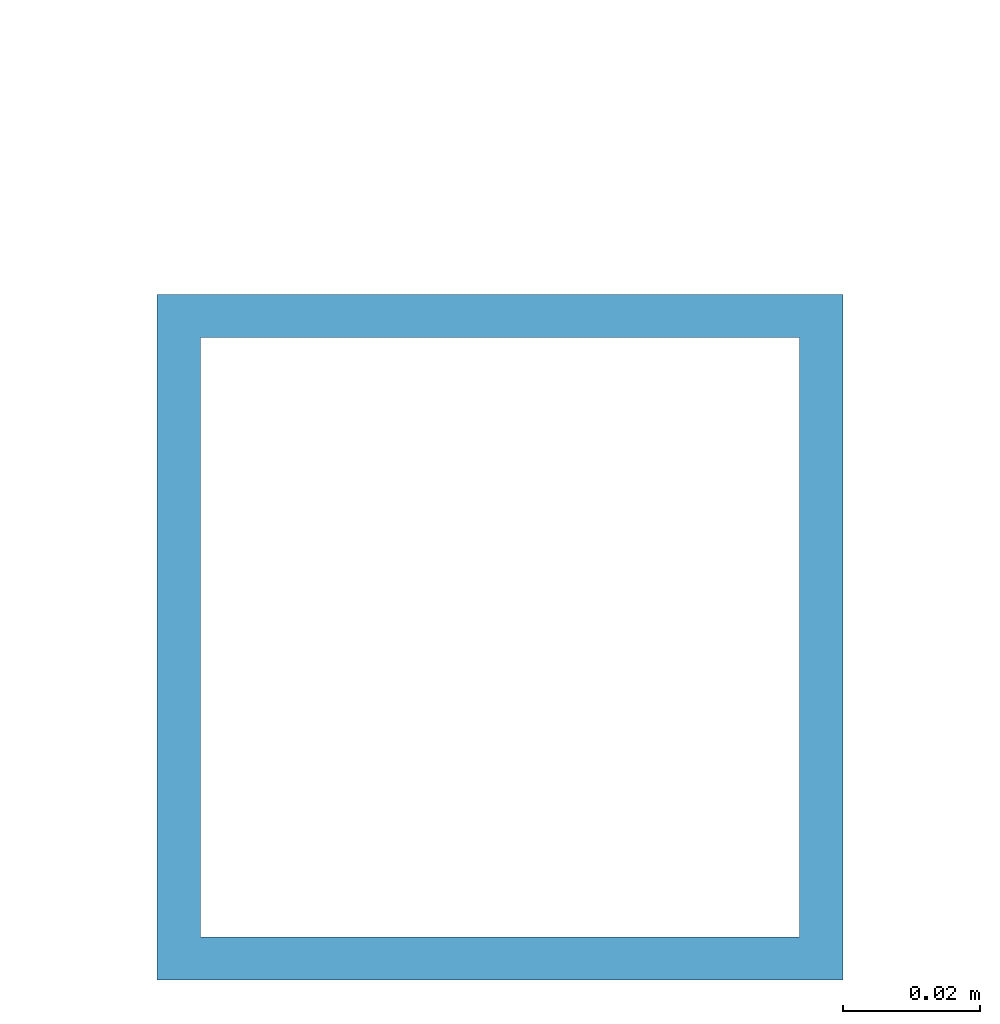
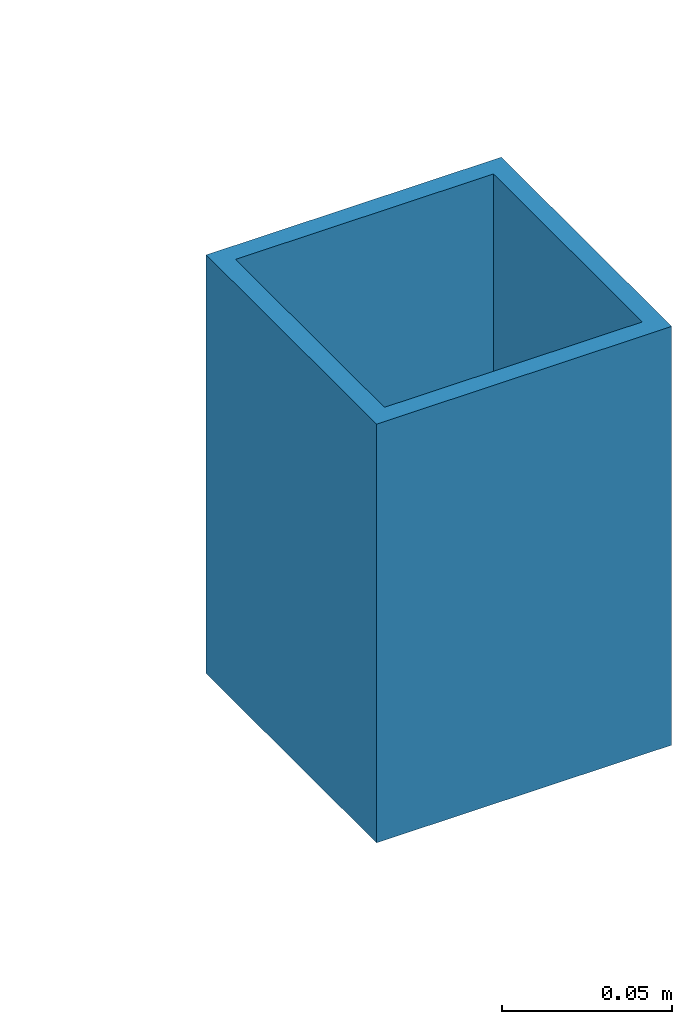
# One storey, part 2 of 3: 1 column.
"""IFC2X3 building model written with IfcOpenShell, lengths in millimetres."""

import ifcopenshell
import ifcopenshell.guid

model = None  # the IFC model being written
_history = None  # IfcOwnerHistory: only IFC2X3 demands one
_inside = {}  # id of a spatial element -> (the spatial element, [elements in it])
_under = {}  # id of a project, library or spatial element -> (it, [spatial elements below it])
_declared = {}  # id of a project -> (the project, [libraries it declares])
_typed = {}  # id of a type object -> (the type object, [elements of that type])
_made_of = {}  # id of a material, layer set ... -> (it, [elements and type objects made of it])


def new_model(schema):
    """Start an empty IFC model of exactly this schema.

    Asked for "IFC4X3", IfcOpenShell would pick the latest addendum, in which some entities
    have other attributes; the version numbers below select the first issue.
    IFC2X3 requires an IfcOwnerHistory on every rooted entity: one is made here for all.
    """
    global model, _history
    if schema == "IFC4X3":
        model = ifcopenshell.file(schema_version=(4, 3, 0, 0))
    else:
        model = ifcopenshell.file(schema=schema)
    _inside.clear()
    _under.clear()
    _declared.clear()
    _typed.clear()
    _made_of.clear()
    _history = None
    if model.schema == "IFC2X3":
        org = make("IfcOrganization", Name="unknown")
        user = make(
            "IfcPersonAndOrganization",
            ThePerson=make("IfcPerson", FamilyName="unknown"),
            TheOrganization=org,
        )
        app = make(
            "IfcApplication",
            ApplicationDeveloper=org,
            Version="unknown",
            ApplicationFullName="unknown",
            ApplicationIdentifier="unknown",
        )
        _history = make(
            "IfcOwnerHistory",
            OwningUser=user,
            OwningApplication=app,
            ChangeAction="ADDED",
            CreationDate=0,
        )
    return model


def make(cls, **values):
    """One entity of the class cls with the attributes given. An attribute that is None is left unset."""
    return model.create_entity(
        cls, **{name: value for name, value in values.items() if value is not None}
    )


def entity(cls, *values):
    """Any entity or typed value of the class cls, its attributes in the order of the schema. None: left unset."""
    e = model.create_entity(cls)
    for i, value in enumerate(values):
        if value is not None:
            e[i] = value
    return e


def rooted(cls, **values):
    """An entity with a GlobalId (a new one), such as an element, a storey or a relation."""
    return make(cls, GlobalId=ifcopenshell.guid.new(), OwnerHistory=_history, **values)


def si_unit(unit_type, name, prefix=None):
    """IfcSIUnit, for example si_unit("LENGTHUNIT", "METRE", prefix="MILLI")."""
    return make("IfcSIUnit", UnitType=unit_type, Prefix=prefix, Name=name)


def converted_unit(unit_type, name, factor, base, dimensions=None, offset=None):
    """IfcConversionBasedUnit, such as the inch: factor (a typed value) times the base unit."""
    return make(
        "IfcConversionBasedUnit"
        if offset is None
        else "IfcConversionBasedUnitWithOffset",
        ConversionOffset=offset,
        Dimensions=None
        if dimensions is None
        else entity("IfcDimensionalExponents", *dimensions),
        UnitType=unit_type,
        Name=name,
        ConversionFactor=make(
            "IfcMeasureWithUnit", ValueComponent=factor, UnitComponent=base
        ),
    )


def derived_unit(unit_type, elements):
    """IfcDerivedUnit: a product of units, each with its exponent."""
    return make(
        "IfcDerivedUnit",
        Elements=[
            make("IfcDerivedUnitElement", Unit=unit, Exponent=power)
            for unit, power in elements
        ],
        UnitType=unit_type,
    )


def assignment(units):
    """IfcUnitAssignment: the units of a project."""
    return None if units is None else make("IfcUnitAssignment", Units=units)


def point(xyz):
    """IfcCartesianPoint."""
    return None if xyz is None else make("IfcCartesianPoint", Coordinates=xyz)


def direction(xyz):
    """IfcDirection."""
    return None if xyz is None else make("IfcDirection", DirectionRatios=xyz)


def frame(location, z_axis=None, x_axis=None):
    """IfcAxis2Placement3D, a coordinate frame: its origin and axes. An axis left out is left unset."""
    return make(
        "IfcAxis2Placement3D",
        Location=point(location),
        Axis=direction(z_axis),
        RefDirection=direction(x_axis),
    )


def origin_with_axes():
    """The frame at (0, 0, 0) with the z axis (0, 0, 1) and the x axis (1, 0, 0) written out."""
    return frame((0.0, 0.0, 0.0), z_axis=(0.0, 0.0, 1.0), x_axis=(1.0, 0.0, 0.0))


def place(relative_to, where):
    """IfcLocalPlacement: puts the frame where relative to a parent placement (None: the world)."""
    return make(
        "IfcLocalPlacement", PlacementRelTo=relative_to, RelativePlacement=where
    )


def context(
    kind, dimensions, precision=None, world=None, true_north=None, identifier=None
):
    """IfcGeometricRepresentationContext, for example the 3D "Model" context."""
    return make(
        "IfcGeometricRepresentationContext",
        ContextIdentifier=identifier,
        ContextType=kind,
        CoordinateSpaceDimension=dimensions,
        Precision=precision,
        WorldCoordinateSystem=world,
        TrueNorth=true_north,
    )


def subcontext(parent, identifier, kind, view, scale=None):
    """IfcGeometricRepresentationSubContext, for example "Body" below "Model"."""
    return make(
        "IfcGeometricRepresentationSubContext",
        ContextIdentifier=identifier,
        ContextType=kind,
        ParentContext=parent,
        TargetScale=scale,
        TargetView=view,
    )


def project(units=None, contexts=None):
    """IfcProject with its units and contexts."""
    return rooted(
        "IfcProject",
        Name="project",
        RepresentationContexts=contexts,
        UnitsInContext=assignment(units),
    )


def spatial(cls, under=None, at=None, **own):
    """A site, building, storey or space (cls), placed at a placement, below another one or the project."""
    s = rooted(cls, ObjectPlacement=at, **own)
    if under is not None:
        _under.setdefault(under.id(), (under, []))[1].append(s)
    return s


def faces_of(points, faces, orient=None, outer=None):
    """IfcFace entities. A face is a list of loops; a loop is a list of indices into points, from 0.

    orient and outer hold one flag for each loop. By default every Orientation is true, the
    first loop of a face is its IfcFaceOuterBound and the others are IfcFaceBound.
    """
    made = []
    for i, loops in enumerate(faces):
        bounds = []
        for j, loop in enumerate(loops):
            is_outer = j == 0 if outer is None else outer[i][j]
            bounds.append(
                make(
                    "IfcFaceOuterBound" if is_outer else "IfcFaceBound",
                    Bound=make("IfcPolyLoop", Polygon=[points[k] for k in loop]),
                    Orientation=True if orient is None else orient[i][j],
                )
            )
        made.append(make("IfcFace", Bounds=bounds))
    return made


def faceted_brep(points, faces, orient=None, outer=None, voids=None):
    """IfcFacetedBrep: a solid bounded by flat faces; with voids (closed shells), ...WithVoids."""
    shared = [point(p) for p in points]
    hull = make("IfcClosedShell", CfsFaces=faces_of(shared, faces, orient, outer))
    if voids is None:
        return make("IfcFacetedBrep", Outer=hull)
    return make(
        "IfcFacetedBrepWithVoids",
        Outer=hull,
        Voids=[
            make(cls, CfsFaces=faces_of(shared, fs, o, b)) for cls, fs, o, b in voids
        ],
    )


def shape(context_of_items, identifier, shape_type, items):
    """IfcShapeRepresentation: the items that make up one representation, for example the "Body"."""
    return make(
        "IfcShapeRepresentation",
        ContextOfItems=context_of_items,
        RepresentationIdentifier=identifier,
        RepresentationType=shape_type,
        Items=items,
    )


def material(Name=None, Category=None):
    """IfcMaterial."""
    return make("IfcMaterial", Name=Name, Category=Category)


def made_of(thing, what):
    """Note that an element or type object is made of a material, layer set ...; save() writes the relation."""
    if what is not None:
        _made_of.setdefault(what.id(), (what, []))[1].append(thing)
    return thing


def type_object(cls, material=None, **own):
    """A type object (cls), such as IfcWallType, which elements share."""
    return made_of(rooted(cls, **own), material)


def element(
    cls,
    number,
    at=None,
    inside=None,
    cuts=None,
    type_object=None,
    material=None,
    context=None,
    identifier="Body",
    shape_type=None,
    held_by="IfcProductDefinitionShape",
    body=None,
    shapes=None,
    **own,
):
    """One element of the class cls, such as IfcWall. Its Tag is "e" and its number.

    at: its placement. inside: the storey or other place that contains it. cuts: it is an
    opening in that element (IfcRelVoidsElement). A single representation is given by context,
    identifier, shape_type and body (its items); several are given by shapes. held_by: the class
    of the entity that holds the representations. save() writes the other relations.
    """
    e = rooted(cls, Tag="e%d" % number, ObjectPlacement=at, **own)
    if body is not None:
        shapes = [shape(context, identifier, shape_type, body)]
    if shapes is not None:
        e.Representation = make(held_by, Representations=shapes)
    if inside is not None:
        _inside.setdefault(inside.id(), (inside, []))[1].append(e)
    if cuts is not None:
        rooted(
            "IfcRelVoidsElement", RelatingBuildingElement=cuts, RelatedOpeningElement=e
        )
    if type_object is not None:
        _typed.setdefault(type_object.id(), (type_object, []))[1].append(e)
    return made_of(e, material)


def aggregate(whole, parts):
    """IfcRelAggregates: a whole, such as a stair, and the parts it consists of."""
    return rooted("IfcRelAggregates", RelatingObject=whole, RelatedObjects=parts)


def save(model, path):
    """Write the relations noted so far, then the file.

    IfcRelAggregates (storeys below a building ...), IfcRelContainedInSpatialStructure (elements
    in a storey), IfcRelDefinesByType, IfcRelAssociatesMaterial and IfcRelDeclares: one each for
    every whole, place, type object, material and project.
    """
    for whole, parts in _under.values():
        aggregate(whole, parts)
    for where, things in _inside.values():
        rooted(
            "IfcRelContainedInSpatialStructure",
            RelatedElements=things,
            RelatingStructure=where,
        )
    for kind, things in _typed.values():
        rooted("IfcRelDefinesByType", RelatedObjects=things, RelatingType=kind)
    for what, things in _made_of.values():
        rooted("IfcRelAssociatesMaterial", RelatedObjects=things, RelatingMaterial=what)
    for by, libraries in _declared.values():
        rooted("IfcRelDeclares", RelatingContext=by, RelatedDefinitions=libraries)
    model.write(path)


model = new_model("IFC2X3")

# Units and contexts
model_context = context("Model", 3, precision=0.01, world=frame((0.0, 4.29681676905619e-09, 0.0)), true_north=direction((4.01073788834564e-13, 1.0)))
plan_context = context("Plan", 3, precision=0.01, world=frame((0.0, 4.29681676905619e-09, 0.0)), true_north=direction((4.01073788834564e-13, 1.0)))
body_context = subcontext(model_context, "Body", "Model", "MODEL_VIEW")
ifc_project = project(units=[converted_unit("PLANEANGLEUNIT", "DEGREE", entity("IfcPositiveLengthMeasure", 0.0174532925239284), si_unit("PLANEANGLEUNIT", "RADIAN"), dimensions=[0, 0, 0, 0, 0, 0, 0]), si_unit("AREAUNIT", "SQUARE_METRE"), si_unit("LENGTHUNIT", "METRE", prefix="MILLI"), si_unit("MASSUNIT", "GRAM", prefix="KILO"), si_unit("POWERUNIT", "WATT"), si_unit("PRESSUREUNIT", "PASCAL", prefix="KILO"), si_unit("FORCEUNIT", "NEWTON", prefix="KILO"), si_unit("ELECTRICVOLTAGEUNIT", "VOLT"), si_unit("ELECTRICCURRENTUNIT", "AMPERE"), si_unit("THERMODYNAMICTEMPERATUREUNIT", "DEGREE_CELSIUS"), si_unit("TIMEUNIT", "SECOND"), si_unit("VOLUMEUNIT", "CUBIC_METRE"), derived_unit("LINEARVELOCITYUNIT", [(si_unit("LENGTHUNIT", "METRE"), 1), (si_unit("TIMEUNIT", "SECOND"), -1)]), derived_unit("VOLUMETRICFLOWRATEUNIT", [(si_unit("VOLUMEUNIT", "CUBIC_METRE"), 1), (si_unit("TIMEUNIT", "SECOND"), -1)]), derived_unit("THERMALTRANSMITTANCEUNIT", [(si_unit("POWERUNIT", "WATT"), 1), (si_unit("THERMODYNAMICTEMPERATUREUNIT", "KELVIN"), -1), (si_unit("AREAUNIT", "SQUARE_METRE"), -1)]), derived_unit("SOUNDPRESSUREUNIT", [(si_unit("PRESSUREUNIT", "PASCAL"), 1)])], contexts=[model_context, plan_context])

# Site, building, storey
site_placement = place(None, frame((0.0, -4.29681676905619e-09, 0.0), z_axis=(0.0, 0.0, 1.0), x_axis=(1.0, 0.0, 0.0)))
site = spatial("IfcSite", under=ifc_project, at=site_placement, Name="Gardermoen", CompositionType="ELEMENT")
building_placement = place(site_placement, frame((0.0, 4.29681676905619e-09, 0.0), z_axis=(0.0, 0.0, 1.0), x_axis=(1.0, 0.0, 0.0)))
building = spatial("IfcBuilding", under=site, at=building_placement, Name="TI", CompositionType="ELEMENT")
storey_placement = place(building_placement, origin_with_axes())
storey = spatial("IfcBuildingStorey", under=building, at=storey_placement, Name="D", CompositionType="ELEMENT", Elevation=0.0)

# Column
ifc_material = material(Name="STEEL/S355")
column_type = type_object("IfcColumnType", Name="RHS100*6.3", PredefinedType="NOTDEFINED")
column_placement = place(storey_placement, frame((601000.000397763, 569920.002834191, 210302.999542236), z_axis=(0.0, 1.0, 0.0), x_axis=(0.0, 0.0, 1.0)))
element("IfcColumn", 1, at=column_placement, inside=storey, type_object=column_type, material=ifc_material, Name="STÅLSØYLE", ObjectType="RHS100*6.3", context=body_context, shape_type="Brep", body=[
    faceted_brep([(0.0, 43.6999998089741, -43.6999998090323), (0.0, -43.6999998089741, -43.6999998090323), (150.000457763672, -43.6999998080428, -43.6999998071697), (150.000457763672, 43.6999998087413, -43.6999998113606), (0.0, -43.6999998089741, 43.6999998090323), (150.000457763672, -43.6999998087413, 43.6999998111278), (0.0, 43.6999998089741, 43.6999998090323), (150.000457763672, 43.6999998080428, 43.6999998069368), (0.0, 50.0, -50.0), (0.0, 50.0, 50.0), (150.000457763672, 49.9999999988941, 49.9999999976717), (150.000457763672, 49.999999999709, -50.0000000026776), (0.0, -50.0, 50.0), (150.000457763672, -49.999999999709, 50.0000000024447), (0.0, -50.0, -50.0), (150.000457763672, -49.9999999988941, -49.9999999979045)], [[[0, 1, 2, 3]], [[1, 4, 5, 2]], [[4, 6, 7, 5]], [[6, 0, 3, 7]], [[8, 9, 10, 11]], [[9, 12, 13, 10]], [[12, 14, 15, 13]], [[14, 8, 11, 15]], [[13, 15, 11, 10], [5, 7, 3, 2]], [[14, 12, 9, 8], [6, 4, 1, 0]]]),
])

save(model, "model.ifc")

= = = =

Print exactly the lines from the first line of the records above through the line containing "[libraries it declares])", both included, and leave the pictures out.

# One storey, part 2 of 3: 1 column.
"""IFC2X3 building model written with IfcOpenShell, lengths in millimetres."""

import ifcopenshell
import ifcopenshell.guid

model = None  # the IFC model being written
_history = None  # IfcOwnerHistory: only IFC2X3 demands one
_inside = {}  # id of a spatial element -> (the spatial element, [elements in it])
_under = {}  # id of a project, library or spatial element -> (it, [spatial elements below it])
_declared = {}  # id of a project -> (the project, [libraries it declares])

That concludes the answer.